CEO of the Nashville Predators, Bridgestone Arena, The Nashville Predators Foundation and SS&E
- Incumbent
- Assumed office December 1, 2010
- Preceded by: Jeff Cogen

President and Alternate Governor of the Nashville Predators
- In office September 7, 2010 – July 14, 2023
- Succeeded by: Michelle Kennedy

Interim CEO of the Tampa Bay Lightning
- In office January 2009-September 2010

COO of the Tampa Bay Lightning
- In office May 1999-December 2008

SVP of Sales & Marketing Unity Motion
- In office July 1997-April 1999

General Manager Volume Services
- In office April 1989-July 1997
- Preceded by: Joe Ambrose
- Succeeded by: Eric Wooden

Personal details
- Born: 1968 (age 57–58) Long Island, New York, USA
- Spouse: Tracey Manning
- Children: 4 Steven, Matthew, Amy and Jessie
- Education: State University of New York

= Sean Henry (administrator) =

American ice hockey executive

Sean Henry (born 1968 on Long Island) is the Chief Executive Officer (CEO) of the National Hockey League's Nashville Predators.

==Biography==
Henry worked his way up from the concession stands at Jones Beach State Parks to executive-level positions within the NHL. In May 1999, he became the COO of the Tampa Bay Lightning, a role he held permanently until December 2008 and on a consulting basis from January 2009 to August 2010. In 2004, the Lightning won the Stanley Cup against the Calgary Flames and Henry was among those who had their name engraved on the Cup.

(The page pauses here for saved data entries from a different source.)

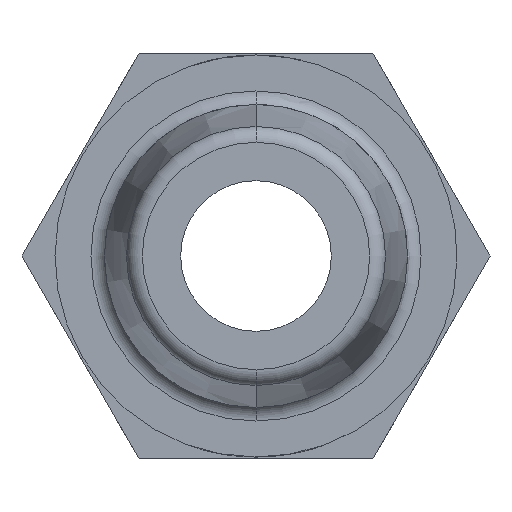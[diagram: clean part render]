
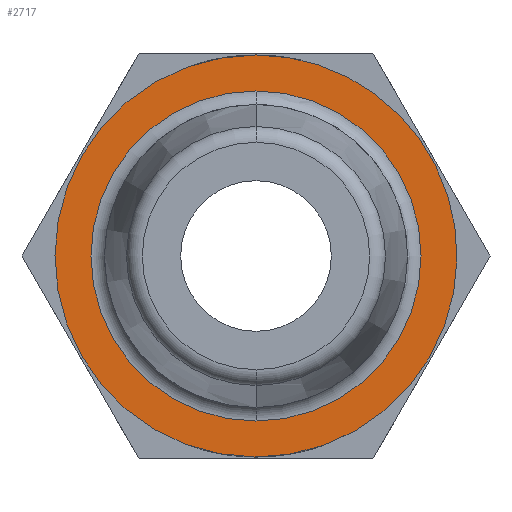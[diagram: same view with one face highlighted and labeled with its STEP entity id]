
A CAD part, left-side view. The second image highlights one B-rep face of the part: STEP entity #2717.
In plain terms, the highlighted planar face has unit normal (-1, 0, 0).
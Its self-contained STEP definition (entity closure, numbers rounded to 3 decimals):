
#60=PLANE('',#2976);
#167=FACE_BOUND('',#374,.T.);
#208=FACE_OUTER_BOUND('',#373,.T.);
#373=EDGE_LOOP('',(#2065,#2066));
#374=EDGE_LOOP('',(#2067,#2068));
#525=CIRCLE('',#2894,3.15);
#526=CIRCLE('',#2895,3.15);
#560=CIRCLE('',#2937,2.587);
#586=CIRCLE('',#2977,2.587);
#1171=VERTEX_POINT('',#4447);
#1172=VERTEX_POINT('',#4449);
#1278=VERTEX_POINT('',#5120);
#1279=VERTEX_POINT('',#5121);
#1460=EDGE_CURVE('',#1172,#1171,#525,.T.);
#1461=EDGE_CURVE('',#1171,#1172,#526,.T.);
#1570=EDGE_CURVE('',#1278,#1279,#560,.T.);
#1615=EDGE_CURVE('',#1279,#1278,#586,.T.);
#2065=ORIENTED_EDGE('',*,*,#1460,.T.);
#2066=ORIENTED_EDGE('',*,*,#1461,.T.);
#2067=ORIENTED_EDGE('',*,*,#1615,.T.);
#2068=ORIENTED_EDGE('',*,*,#1570,.T.);
#2717=ADVANCED_FACE('',(#208,#167),#60,.F.);
#2894=AXIS2_PLACEMENT_3D('',#4450,#3190,#3191);
#2895=AXIS2_PLACEMENT_3D('',#4451,#3192,#3193);
#2937=AXIS2_PLACEMENT_3D('',#5122,#3310,#3311);
#2976=AXIS2_PLACEMENT_3D('',#5213,#3406,#3407);
#2977=AXIS2_PLACEMENT_3D('',#5214,#3408,#3409);
#3190=DIRECTION('center_axis',(-1.,0.,0.));
#3191=DIRECTION('ref_axis',(0.,0.,1.));
#3192=DIRECTION('center_axis',(-1.,0.,0.));
#3193=DIRECTION('ref_axis',(0.,0.,1.));
#3310=DIRECTION('center_axis',(1.,0.,0.));
#3311=DIRECTION('ref_axis',(0.,0.,
1.));
#3406=DIRECTION('center_axis',(1.,0.,0.));
#3407=DIRECTION('ref_axis',(0.,0.,-1.));
#3408=DIRECTION('center_axis',(1.,0.,0.));
#3409=DIRECTION('ref_axis',(0.,0.,-1.));
#4447=CARTESIAN_POINT('',(-13.,-3.15,-0.03));
#4449=CARTESIAN_POINT('',(-13.,0.,3.15));
#4450=CARTESIAN_POINT('Origin',(-13.,0.,0.));
#4451=CARTESIAN_POINT('Origin',(-13.,0.,0.));
#5120=CARTESIAN_POINT('',(-13.,0.,2.587));
#5121=CARTESIAN_POINT('',(-13.,0.,-2.587));
#5122=CARTESIAN_POINT('Origin',(-13.,0.,0.));
#5213=CARTESIAN_POINT('Origin',(-13.,-3.188,0.));
#5214=CARTESIAN_POINT('Origin',(-13.,0.,0.));

He joined the Nashville Predators franchise in 2010, assuming his role of President and Alternate Governor on September 7 of that year. Michelle Kennedy became the new President and Alternate Governor on July 14, 2023, allowing Henry to focus on his role as CEO and the organization's growing sports and entertainment portfolio.

A Long Island native, Henry attended the State University of New York for his Bachelor's degree. He is the uncle of M3 Technology's COO Michael Caton. Henry and wife Tracey live in Franklin, Tennessee, have four children, and one grand daughter. They are active in their children's schools, activities and countless charities; The Weaver Center, The YWCA, Monroe Carrell Jr. Children's Hospital at Vanderbilt, College scholarships, Wings of Liberty among countless other initiatives.